Predictive Modelling (online) STATS5076

  • Academic Session: 2018-19
  • School: School of Mathematics and Statistics
  • Credits: 10
  • Level: Level 5 (SCQF level 11)
  • Typically Offered: Semester 2
  • Available to Visiting Students: No
  • Available to Erasmus Students: No
  • Taught Wholly by Distance Learning: Yes

Short Description

This course introduces students to predictive models for regression and classification.

Timetable

The course consists of short online lessons (each of at most 30 minutes length), totalling around 15-20 hours. Embedded in these lessons are formative quizzes and assessment tasks (not included in the above duration). These are flexible and can be taken (and re-taken) at any time. There also are 6-10 hours of tutorials and computer-based labs.

Requirements of Entry

The course is only available to students on the online MSc in Data Analytics.

Excluded Courses

Linear Models 3

Statistics 3L: Linear Models

Regression Models (Level M)

Co-requisites

-/-

Assessment

30% Continuous Assessment

70% Final exam (can be taken at test centres)

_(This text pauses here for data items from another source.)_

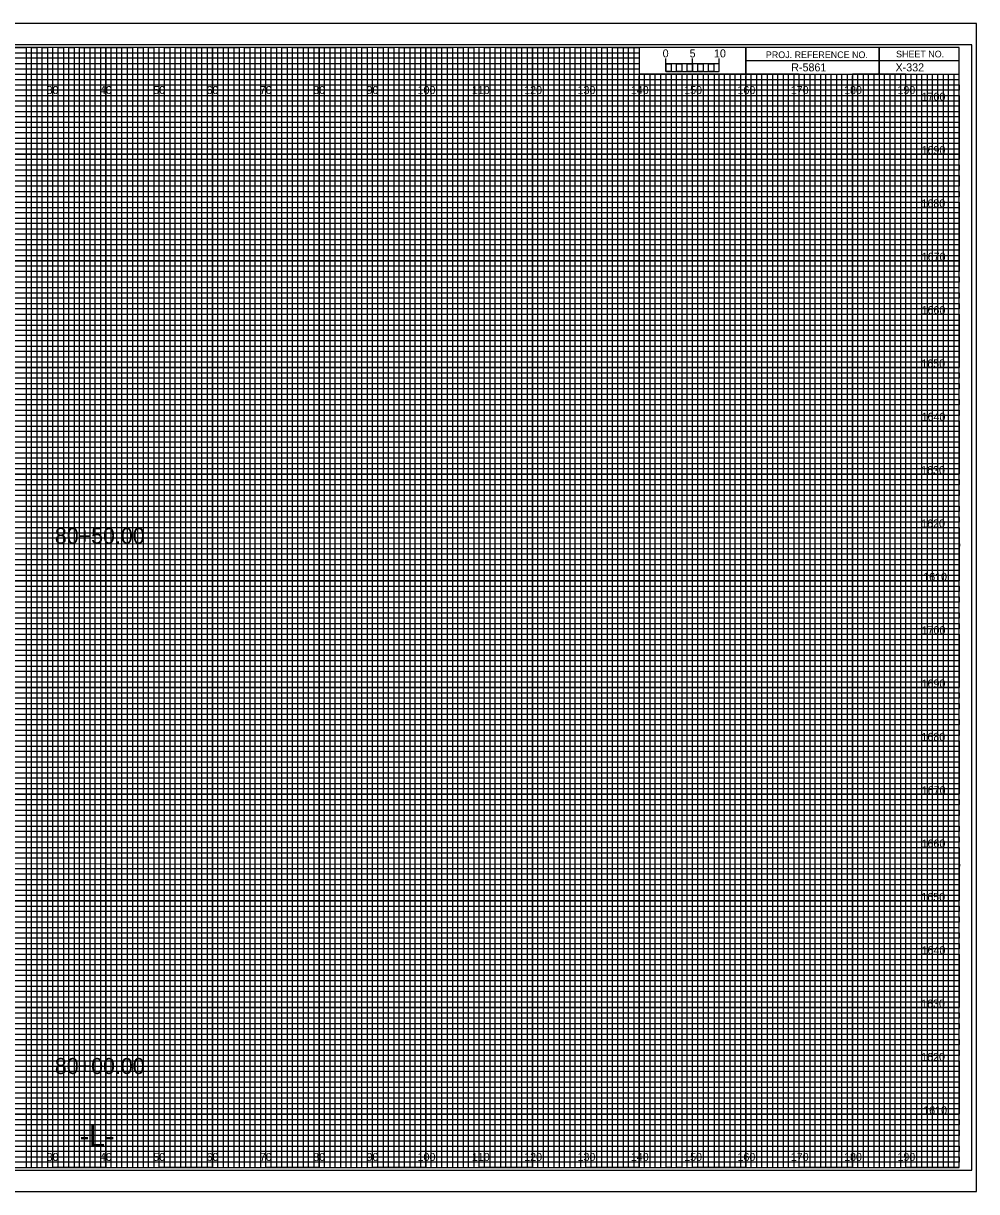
# Model space of a CAD drawing. Extents: x -13 to 1780, y -15 to 3284.
# Drawn here: x 144.5 to 323.3, y -4.5 to 214.5 of the extents above; entities that cross this region are included whole.
import ezdxf

# ---------------------------------------------------------------- set-up
doc = ezdxf.new("R2010")
doc.units = 0
for name, color, linetype in [('Exist CMT Pavement', 7, 'Continuous'), ('Prop Horizontal Alignment', 7, 'Continuous'), ('Prop Retaining Wall', 7, 'Continuous'), ('Prop SS Cut Line', 7, 'Continuous'), ('Prop SS Fill Line', 7, 'Continuous'), ('Prop SS Transition Line', 7, 'Continuous'), ('Prop XS Bar Scale Labels', 7, 'Continuous'), ('Prop XS DDE', 7, 'Continuous'), ('Prop XS Earthwork Shape', 7, 'Continuous'), ('Prop XS Noise Wall', 7, 'Continuous'), ('Prop XS Retaining Wall', 7, 'Continuous'), ('Prop XS Station Labels', 7, 'Continuous'), ('Raster_Level_0', 7, 'Continuous'), ('Scratch_Level_3', 7, 'Continuous'), ('Scratch_Level_7', 7, 'Continuous'), ('Typical Bridge Rail CELL', 7, 'Continuous'), ('Typical Median Barrier CELL', 7, 'Continuous')]:
    doc.layers.add(name, color=color, linetype=linetype)

msp = doc.modelspace()

# ---------------------------------------------------------------- linework, layer by layer
at = {"layer": 'Prop Retaining Wall'}
for p, q in [((305, 210), (305, 205)), ((305, 205), (305, 210)), ((280, 207.5), (280, 205)), ((320, 207.49), (280, 207.49)), ((280, 205), (320, 205))]:
    msp.add_line(p, q, dxfattribs=at)
for points in [[(320, 210), (0, 210), (0, 0), (320, 0)], [(280, 210), (260, 210), (260, 205.03), (280, 205.03)], [(320, 210), (280, 210), (280, 205), (320, 205)]]:
    msp.add_lwpolyline(points, close=True, dxfattribs=at)
at = {"layer": 'Prop SS Cut Line'}
for points in [[(135, 210), (145, 210), (145, 0), (155, 0), (155, 210), (165, 210), (165, 0), (175, 0), (175, 210), (185, 210), (185, 0), (195, 0), (195, 210), (205, 210), (205, 0), (215, 0), (215, 210), (225, 210), (225, 0), (235, 0), (235, 210), (245, 210), (245, 0), (255, 0), (255, 210), (259.93, 210), (260, 210), (260, 205), (264.99, 205), (264.99, 0), (275, 0), (275, 205), (285, 205), (285, 0), (295, 0), (295, 205), (305, 205), (305, 0), (315, 0), (315, 205)], [(0, 205), (275, 205)], [(0, 185), (320, 185), (320, 195), (0, 195)], [(0, 165), (320, 165), (320, 175), (0, 175)], [(0, 145), (320, 145), (320, 155), (0, 155)], [(0, 125), (320, 125), (320, 135), (0, 135)], [(0, 105), (320, 105), (320, 115), (0, 115)], [(0, 85), (320, 85), (320, 95), (0, 95)], [(0, 65), (320, 65), (320, 75), (0, 75)], [(0, 45), (320, 45), (320, 55), (0, 55)], [(0, 25), (320, 25), (320, 35), (0, 35)], [(0, 5), (320, 5), (320, 15), (0, 15)]]:
    msp.add_lwpolyline(points, dxfattribs=at)
at = {"layer": 'Prop SS Fill Line'}
for p, q in [((150, 210), (140, 210)), ((150, 0), (150, 210)), ((170, 210), (160, 210)), ((160, 210), (160, 0)), ((170, 0), (170, 210)), ((190, 210), (180, 210)), ((180, 210), (180, 0)), ((190, 0), (190, 210)), ((210, 210), (200, 210)), ((200, 210), (200, 0)), ((210, 0), (210, 210)), ((230, 210), (220, 210)), ((220, 210), (220, 0)), ((230, 0), (230, 210)), ((250, 210), (240, 210)), ((240, 210), (240, 0)), ((250, 0), (250, 210)), ((260, 210), (260, 0)), ((270, 0), (270, 205)), ((290, 205), (280, 205)), ((280, 205), (280, 0)), ((290, 0), (290, 205)), ((310, 205), (300, 205)), ((300, 205), (300, 0)), ((310, 0), (310, 205)), ((160, 0), (150, 0)), ((180, 0), (170, 0)), ((200, 0), (190, 0)), ((220, 0), (210, 0)), ((240, 0), (230, 0)), ((260, 0), (250, 0)), ((280, 0), (270, 0)), ((300, 0), (290, 0)), ((320, 0), (310, 0)), ((320, 0), (320, 0))]:
    msp.add_line(p, q, dxfattribs=at)
for points in [[(0, 200), (320, 200), (320, 190), (0, 190)], [(0, 180), (320, 180), (320, 170), (0, 170)], [(0, 160), (320, 160), (320, 150), (0, 150)], [(0, 140), (320, 140), (320, 130), (0, 130)], [(0, 120), (320, 120), (320, 110), (0, 110)], [(0, 100), (320, 100), (320, 90), (0, 90)], [(0, 80), (320, 80), (320, 70), (0, 70)], [(0, 60), (320, 60), (320, 50), (0, 50)], [(0, 40), (320, 40), (320, 30), (0, 30)], [(0, 20), (320, 20), (320, 10), (0, 10)]]:
    msp.add_lwpolyline(points, dxfattribs=at)
at = {"layer": 'Prop SS Transition Line'}
for p, q in [((0, 209), (260, 209)), ((260, 209), (260, 207.98)), ((260, 207.98), (0, 207.98)), ((0, 207), (260, 207)), ((260, 205.89), (0, 205.89)), ((260, 207), (260, 205.89)), ((0, 204), (320, 204))]:
    msp.add_line(p, q, dxfattribs=at)
for points in [[(0, 203), (270, 203), (320, 203), (320, 202), (0, 202)], [(0, 201), (320, 201), (320, 199), (0, 199)], [(0, 198), (320, 198), (320, 197), (0, 196.98)], [(0, 196), (320, 196), (320, 194), (0, 194)], [(0, 193), (320, 193), (320, 192), (0, 192)], [(0, 191), (320, 191), (320, 189), (0, 189)], [(0, 188), (320, 188), (320, 187), (0, 187)], [(0, 186), (320, 186), (320, 184), (0, 184)], [(0, 183), (320, 183), (320, 182), (0, 182)], [(0, 181), (320, 181), (320, 179), (0, 179)], [(0, 178), (320, 178), (320, 177), (0, 177)], [(0, 176), (320, 176), (320, 173.95), (320, 173), (320, 172), (0, 172)], [(0, 174), (320, 174), (320, 173), (0, 173)], [(0, 171), (320, 171), (320, 169), (0, 169.03)], [(0, 169.03), (320, 169), (320, 168), (0, 168)], [(0, 167), (320, 167), (320, 166), (0, 166)], [(0, 164), (320, 164), (320, 163), (0, 163)], [(0, 162), (320, 162), (320, 161), (0, 161)], [(-0.07, 158.89), (320, 158.89), (320, 157.88), (-0.07, 157.88)], [(0, 157), (320, 157), (320, 156), (0, 156)], [(0, 154), (320, 154), (320, 153), (0, 153)], [(0, 152), (320, 152), (320, 151), (0, 151)], [(0, 149), (320, 149), (320, 148), (0, 148)], [(0, 147), (320, 147), (320, 146), (0, 146)], [(0, 144), (320, 144), (320, 143), (0, 143)], [(0, 142), (320, 142), (320, 141), (0, 141)], [(0, 139), (320, 139), (319.99, 137.98), (0, 138)], [(0, 137), (320, 137), (320, 136), (0, 136)], [(0, 134), (320, 134), (320, 133), (0, 133)], [(0, 132), (320, 132), (320, 131), (0, 131)], [(0, 129), (320, 129), (320, 128), (0, 128)], [(0, 127), (320, 127), (320, 126), (0, 126)], [(0, 124), (320, 124), (320, 123), (0, 123)], [(0, 122), (320, 122), (320, 121), (0, 121)], [(0, 119), (320, 119), (320, 118), (0, 118)], [(0, 116.99), (320.07, 116.91), (320, 116), (0, 116)], [(0, 114), (320, 114), (320, 113), (0, 113)], [(0, 112), (320, 112), (320, 111), (0, 111)], [(0, 109), (320, 109), (320, 108), (0, 108)], [(0, 107), (320, 107), (320, 106), (0, 106)], [(0, 104), (320, 104), (320, 103), (0, 103)], [(0, 102), (320, 102), (320, 101), (0, 101)], [(0, 99), (320, 99), (320, 98), (0, 98)], [(0, 97), (320, 97), (320, 96), (0, 96)], [(0, 94), (320, 94), (320, 93), (0, 93)], [(0, 92), (320, 92), (320, 91), (0, 91)], [(0, 89), (320, 89), (320, 88), (0, 88)], [(0, 87), (320, 87), (320, 86), (0, 86)], [(0, 84), (320, 84), (320, 83), (0, 83)], [(0, 82), (320, 82), (320, 81), (0, 81)], [(0, 79), (320, 79), (319.99, 77.98), (0, 78)], [(0, 77), (320, 77), (320, 76), (0, 76)], [(0, 74), (320, 74), (320, 73), (0, 73)], [(0, 72), (320, 72), (320, 71), (0, 71)], [(0, 69), (320, 69), (320, 68), (0, 68)], [(0, 67), (320, 67), (320, 66), (0, 66)], [(0, 64), (320, 64), (320, 63), (0, 63)], [(0, 62), (320, 62), (320, 61), (0, 61)], [(0, 59), (320, 59), (320, 58), (0, 58)], [(0, 56.99), (320.07, 56.91), (320, 56), (0, 56)], [(0, 54), (320, 54), (320, 53), (0, 53)], [(0, 52), (320, 52), (320, 51), (0, 51)], [(0, 49), (320, 49), (320, 48), (0, 48)], [(0, 47), (320, 47), (320, 46), (0, 46)], [(0, 44), (320, 44), (320, 43), (0, 43)], [(0, 42), (320, 42), (320, 41), (0, 41)], [(0, 39), (320, 39), (320, 38), (0, 38)], [(0, 37), (320, 37), (320, 36), (0, 36)], [(0, 34), (320, 34), (320, 33), (0, 33)], [(0, 32), (320, 32), (320, 31), (0, 31)], [(0, 29), (320, 29), (320, 28), (0, 28)], [(0, 27), (320, 27), (320, 26), (0, 26)], [(0, 24), (320, 24), (320, 23), (0, 23)], [(0, 22), (320, 22), (320, 21), (0, 21)], [(0, 19), (320, 19), (320, 18), (0, 18)], [(0, 17), (320, 17), (320, 16), (0, 16)], [(0, 14), (320, 14), (320, 13), (0, 13)], [(0, 12), (320, 12), (320, 11), (0, 11)], [(0, 9), (320, 9), (320, 8), (0, 8)], [(0, 7), (320, 7), (320, 6), (0, 6)], [(0, 4), (320, 4), (320, 3), (0, 3)], [(0, 2), (320, 2), (320, 1), (0, 1)]]:
    msp.add_lwpolyline(points, dxfattribs=at)
at = {"layer": 'Prop XS Earthwork Shape'}
msp.add_lwpolyline([(-13.4, -4.5), (323.3, -4.5), (323.3, 214.5), (-13.4, 214.5)], close=True, dxfattribs=at)
at = {"layer": 'Prop XS Noise Wall'}
for p, q in [((150, 0), (150, 210)), ((160, 0), (160, 210)), ((170, 0), (170, 210)), ((180, 0), (180, 210)), ((190, 0), (190, 210)), ((200, 0), (200, 210)), ((210, 0), (210, 210)), ((220, 0), (220, 210)), ((230, 0), (230, 210)), ((240, 0), (240, 210)), ((250, 0), (250, 210)), ((260, 0), (260, 204.69)), ((270, 0), (270, 204.69)), ((280, 0), (280, 204.69)), ((290, 0), (290, 204.69)), ((300, 0), (300, 204.69)), ((310, 0), (310, 204.69)), ((0, 200), (320, 200)), ((0, 190), (320, 190)), ((0, 180), (320, 180)), ((0, 170), (320, 170)), ((0, 160), (320, 160)), ((0, 150), (320, 150)), ((0, 140), (320, 140)), ((0, 130), (320, 130)), ((0, 120), (320, 120)), ((0, 110), (320, 110)), ((0, 100), (320, 100)), ((0, 90), (320, 90)), ((0, 80), (320, 80)), ((0, 70), (320, 70)), ((0, 60), (320, 60)), ((0, 50), (320, 50)), ((0, 40), (320, 40)), ((0, 30), (320, 30)), ((0, 20), (320, 20)), ((0, 10), (320, 10))]:
    msp.add_line(p, q, dxfattribs=at)
at = {"layer": 'Prop XS Retaining Wall'}
for p, q in [((265, 205.49), (265, 207.9)), ((265, 206.9), (265, 207.9)), ((270, 205.49), (270, 207.9)), ((275, 205.49), (275, 207.9)), ((275, 206.9), (275, 207.9))]:
    msp.add_line(p, q, dxfattribs=at)
for points in [[(275, 206.9), (265, 206.9), (265, 205.49), (275, 205.49)], [(265, 206.9), (266, 206.9), (266, 205.49), (265, 205.49)], [(267, 206.9), (268, 206.9), (268, 205.49), (267, 205.49)], [(269, 206.9), (270, 206.9), (270, 205.49), (269, 205.49)], [(271, 206.9), (272, 206.9), (272, 205.49), (271, 205.49)], [(273, 206.9), (274, 206.9), (274, 205.49), (273, 205.49)]]:
    msp.add_lwpolyline(points, close=True, dxfattribs=at)
at = {"layer": 'Prop XS Station Labels'}
for p, q in [((323.3, 214.5), (-13.4, 214.5)), ((-13.4, -4.5), (323.3, -4.5))]:
    msp.add_line(p, q, dxfattribs=at)
at = {"layer": 'Scratch_Level_7'}
msp.add_lwpolyline([(-10.8, -0.5), (322.4, -0.5), (322.4, 210.5), (-10.8, 210.5)], close=True, dxfattribs=at)
at = {"layer": 'Typical Bridge Rail CELL'}
for p, q in [((267, 205), (266.01, 205)), ((266.01, 205), (266.01, 0)), ((267, 0), (267, 205)), ((269, 205), (268, 205)), ((268, 205), (268, 0)), ((269, 0), (269, 205)), ((266.01, 0), (265, 0)), ((268, 0), (267, 0))]:
    msp.add_line(p, q, dxfattribs=at)
for points in [[(145, 0), (146, 0), (146, 210), (147, 210), (147, 0)], [(147, 0), (148, 0), (148, 210), (149, 210), (149, 0)], [(150, 0), (151, 0), (151, 210), (152, 210), (152, 0)], [(152, 0), (153, 0), (153, 210), (154, 210), (154, 0)], [(155, 0), (156, 0), (156, 210), (157, 210), (157, 0)], [(157, 0), (158, 0), (158, 210), (159, 210), (159, 0)], [(160, 0), (161, 0), (161, 210), (162, 210), (162, 0)], [(162, 0), (163, 0), (163, 210), (164, 210), (164, 0)], [(165, 0), (166, 0), (166, 210), (167, 210), (167, 0)], [(167, 0), (168, 0), (168, 210), (169, 210), (169, 0)], [(170, 0), (171, 0), (171, 210), (172, 210), (172, 0)], [(172, 0), (173, 0), (173, 210), (174, 210), (174, 0)], [(175, 0), (176, 0), (176, 210), (177, 210), (177, 0)], [(177, 0), (178, 0), (178, 210), (179, 210), (179, 0)], [(180, 0), (181, 0), (181, 210), (182, 210), (182, 0)], [(182, 0), (183, 0), (183, 210), (184, 210), (184, 0)], [(185, 0), (186, 0), (186, 210), (187, 210), (187, 0)], [(187, 0), (188, 0), (188, 210), (189, 210), (189, 0)], [(190, 0), (191, 0), (191, 210), (192, 210), (192, 0)], [(192, 0), (193, 0), (193, 210), (194, 210), (194, 0)], [(195, 0), (196, 0), (196, 210), (197, 210), (197, 0)], [(197, 0), (198, 0), (198, 210), (199, 210), (199, 0)], [(200, 0), (201, 0), (201, 210), (202, 210), (202, 0)], [(202, 0), (203, 0), (203, 210), (204, 210), (204, 0)], [(205, 0), (206, 0), (206, 210), (207, 210), (207, 0)], [(207, 0), (208, 0), (208, 210), (209, 210), (209, 0)], [(210, 0), (211, 0), (211, 210), (212, 210), (212, 0)], [(212, 0), (213, 0), (213, 210), (214, 210), (214, 0)], [(215, 0), (216, 0), (216, 210), (217, 210), (217, 0)], [(217, 0), (218, 0), (218, 210), (219, 210), (219, 0)], [(220, 0), (221, 0), (221, 210), (222, 210), (222, 0)], [(222, 0), (223, 0), (223, 210), (224, 210), (224, 0)], [(225, 0), (226, 0), (226, 210), (227, 210), (227, 0)], [(227, 0), (228, 0), (228, 210), (229, 210), (229, 0)], [(230, 0), (231, 0), (231, 210), (232, 210), (232, 0)], [(232, 0), (233, 0), (233, 210), (234, 210), (234, 0)], [(235, 0), (236, 0), (236, 210), (237, 210), (237, 0)], [(237, 0), (238, 0), (238, 210), (239, 210), (239, 0)], [(240, 0), (241, 0), (241, 210), (242, 210), (242, 0)], [(242, 0), (243, 0), (243, 210), (244, 210), (244, 0)], [(245, 0), (246, 0), (246, 210), (247, 210), (247, 0)], [(247, 0), (248, 0), (248, 210), (249, 210), (249, 0)], [(250, 0), (251, 0), (251, 210), (252, 210), (252, 0)], [(252, 0), (253, 0), (253, 210), (254, 210), (254, 0)], [(255, 0), (256, 0), (256, 210), (257, 210), (257, 0)], [(257, 0), (258, 0), (258, 210), (259, 210), (259, 0)], [(260, 0), (261, 0), (261, 205), (262.02, 205), (262.02, 0)], [(262, 0), (263, 0), (263, 205), (263.99, 205), (263.99, 0)], [(270, 0), (270.98, 0), (270.98, 205), (272, 205), (272, 0)], [(272, 0), (273, 0), (273, 205), (274.05, 205), (274.05, 0)], [(275, 0), (276, 0), (276, 205), (277, 205), (277, 0)], [(277, 0), (278, 0), (278, 205), (279, 205), (279, 0)], [(280, 0), (281, 0), (281, 205), (282, 205), (282, 0)], [(282, 0), (283, 0), (283, 205), (284, 205), (284, 0)], [(285, 0), (286, 0), (286, 205), (287, 205), (287, 0)], [(287, 0), (288, 0), (288, 205), (289, 205), (289, 0)], [(290, 0), (291, 0), (291, 205), (292, 205), (292, 0)], [(292, 0), (293, 0), (293, 205), (294, 205), (294, 0)], [(295, 0), (296, 0), (296, 205), (297, 205), (297, 0)], [(297, 0), (298, 0), (298, 205), (299, 205), (299, 0)], [(300, 0), (301, 0), (301, 205), (302, 205), (302, 0)], [(302, 0), (303, 0), (303, 205), (304, 205), (304, 0)], [(305, 0), (306, 0), (306, 205), (307, 205), (307, 0)], [(307, 0), (308, 0), (308, 205), (309, 205), (309, 0)], [(310, 0), (311, 0), (311, 205), (312, 205), (312, 0)], [(312, 0), (313, 0), (313, 205), (314, 205), (314, 0)], [(315, 0), (316, 0), (316, 205), (317, 205), (317, 0)], [(317, 0), (318, 0), (318, 205), (319, 205), (319, 0)]]:
    msp.add_lwpolyline(points, dxfattribs=at)

# ---------------------------------------------------------------- texts
at = {"layer": 'Exist CMT Pavement'}
msp.add_text('R-5861', height=1.5, dxfattribs=at).set_placement((288.53, 205.5))
at = {"layer": 'Prop Horizontal Alignment'}
for s, p in [('80+50.00', (150.41, 116.95)), ('80+00.00', (150.41, 17.55))]:
    msp.add_text(s, height=3, dxfattribs=at).set_placement(p)
at = {"layer": 'Prop Retaining Wall'}
for s, p in [('PROJ. REFERENCE NO.', (283.77, 207.99)), ('SHEET NO.', (308.19, 208.12))]:
    msp.add_text(s, height=1.25, dxfattribs=at).set_placement(p)
at = {"layer": 'Prop XS Bar Scale Labels'}
for s, p in [('5', (269.47, 208.12)), ('10', (274.04, 208.12))]:
    msp.add_text(s, height=1.5, dxfattribs=at).set_placement(p)
at = {"layer": 'Prop XS DDE'}
msp.add_text('-L-', height=4, dxfattribs=at).set_placement((155.06, 4))
at = {"layer": 'Prop XS Retaining Wall'}
msp.add_text('0', height=1.5, dxfattribs=at).set_placement((264.41, 208.12))
at = {"layer": 'Raster_Level_0'}
for s, p in [('30', (148.86, 201.25)), ('40', (158.86, 201.25)), ('50', (168.86, 201.25)), ('60', (178.86, 201.25)), ('70', (188.86, 201.25)), ('80', (198.86, 201.25)), ('90', (208.86, 201.25)), ('100', (218.44, 201.25)), ('110', (228.62, 201.25)), ('120', (238.44, 201.25)), ('130', (248.44, 201.25)), ('140', (258.44, 201.25)), ('150', (268.44, 201.25)), ('160', (278.44, 201.25)), ('170', (288.44, 201.25)), ('180', (298.44, 201.25)), ('190', (308.44, 201.25)), ('30', (148.86, 1.25)), ('40', (158.86, 1.25)), ('50', (168.86, 1.25)), ('60', (178.86, 1.25)), ('70', (188.86, 1.25)), ('80', (198.86, 1.25)), ('90', (208.86, 1.25)), ('100', (218.44, 1.25)), ('110', (228.62, 1.25)), ('120', (238.44, 1.25)), ('130', (248.44, 1.25)), ('140', (258.44, 1.25)), ('150', (268.44, 1.25)), ('160', (278.44, 1.25)), ('170', (288.44, 1.25)), ('180', (298.44, 1.25)), ('190', (308.44, 1.25))]:
    msp.add_text(s, height=1.5, dxfattribs=at).set_placement(p)
at = {"layer": 'Scratch_Level_3'}
for s, p in [('1700', (312.98, 200)), ('1690', (312.97, 190)), ('1680', (312.95, 180)), ('1670', (313, 170)), ('1660', (312.97, 160)), ('1650', (312.92, 150)), ('1640', (312.97, 140)), ('1630', (312.89, 130)), ('1620', (312.9, 120)), ('1610', (313.28, 110)), ('1700', (312.98, 100)), ('1690', (312.97, 90)), ('1680', (312.95, 80)), ('1670', (313, 70)), ('1660', (312.97, 60)), ('1650', (312.92, 50)), ('1640', (312.97, 40)), ('1630', (312.89, 30)), ('1620', (312.9, 20)), ('1610', (313.28, 10))]:
    msp.add_text(s, height=1.5, dxfattribs=at).set_placement(p)
at = {"layer": 'Typical Median Barrier CELL'}
msp.add_text('X-332', height=1.5, dxfattribs=at).set_placement((308.09, 205.5))

doc.saveas('drawing.dxf')
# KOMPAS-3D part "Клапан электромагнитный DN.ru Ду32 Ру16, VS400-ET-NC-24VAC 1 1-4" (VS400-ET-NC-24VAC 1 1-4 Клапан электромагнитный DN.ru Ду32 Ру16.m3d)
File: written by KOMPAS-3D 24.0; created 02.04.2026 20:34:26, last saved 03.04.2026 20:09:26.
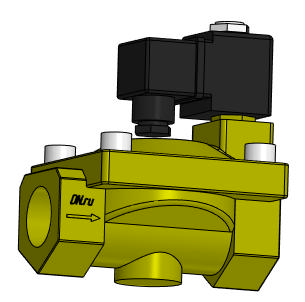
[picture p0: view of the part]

Document properties: Автор: artio; Полное имя файла: C:\Users\artio\OneDrive\Рабочий стол\Клапан электромагнитный DN.ru\VS400-ET-NC\VS400-ET-NC-24VAC 1 1-4 Клапан электромагнитный DN.ru Ду32 Ру16.m3d

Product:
- Body: Тело 1  | qty 1
    Масса: 4.144257
- Part/product: Клапан электромагнитный DN.ru Ду32 Ру16  | designation VS400-ET-NC-24VAC 1 1-4
    Масса: 2.569
    Раздел спецификации: Прочие изделия
    Примечание: D130-05490
    additional columns: ef56311e-7521-43dc-8291-0e6108b3d81d; VS400-ET-NC-220VAC 1 1-4; artio; c; Шероховатость не задана; Да

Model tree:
1. Операция без истории:1

Expressions: VS400-ET-NC-24VAC 1 1-4

Main Assessment In: April/May

Course Aims

The aims of this course are:

■ to introduce students to predictive modelling using multiple linear regression as a showcase;

■ to present some of the distributional theory underpinning the normal linear models and the associated methods for testing and interval estimation;

■ to explain how the design matrix of a linear model can be constructed to accommodate categorical covariates or, through basis expansions, non-linear effects;

■ to introduce students to logistic regression as an example of a discriminative method for classification;

■ to introduce students to linear discriminant analysis as an example of a generative method for classification;

■ to describe and contrast several common methods for model assessment as well as variable and model selection;

■ to show students how to implement these statistical methods using the R computer package.

Intended Learning Outcomes of Course

By the end of this course students will be able to:

■ formulate normal linear models in vector-matrix notation and apply general results to derive ordinary least squares estimators in particular contexts;

■ construct a design matrix incorporating categorical covariates or covariates with a nonlinear effect;

■ derive, evaluate and interpret point and interval estimates of model parameters;

■ conduct and interpret hypothesis tests in the context of the Normal Linear Model;

■ derive, evaluate and interpret confidence and prediction intervals for the response at particular values of the explanatory variables;

■ assess the assumptions of a normal linear model using residual plots and diagnostics;

■ contrast the discriminative approach to classification to the generative one;

■ explain the model used by and make use of logistic regression and linear discriminant analysis;

■ make use of and critique different methods for assessing the performance of a predictive model such R2 or AIC/BIC and use these for model or variable selection;

■ explain and interpret ROC curves and performance measures such as AOC

■ implement these statistical methods using the R computer package;

■ frame statistical conclusions clearly.

Minimum Requirement for Award of Credits

Students must submit at least 75% by weight of the components (including examinations) of the course's summative assessment.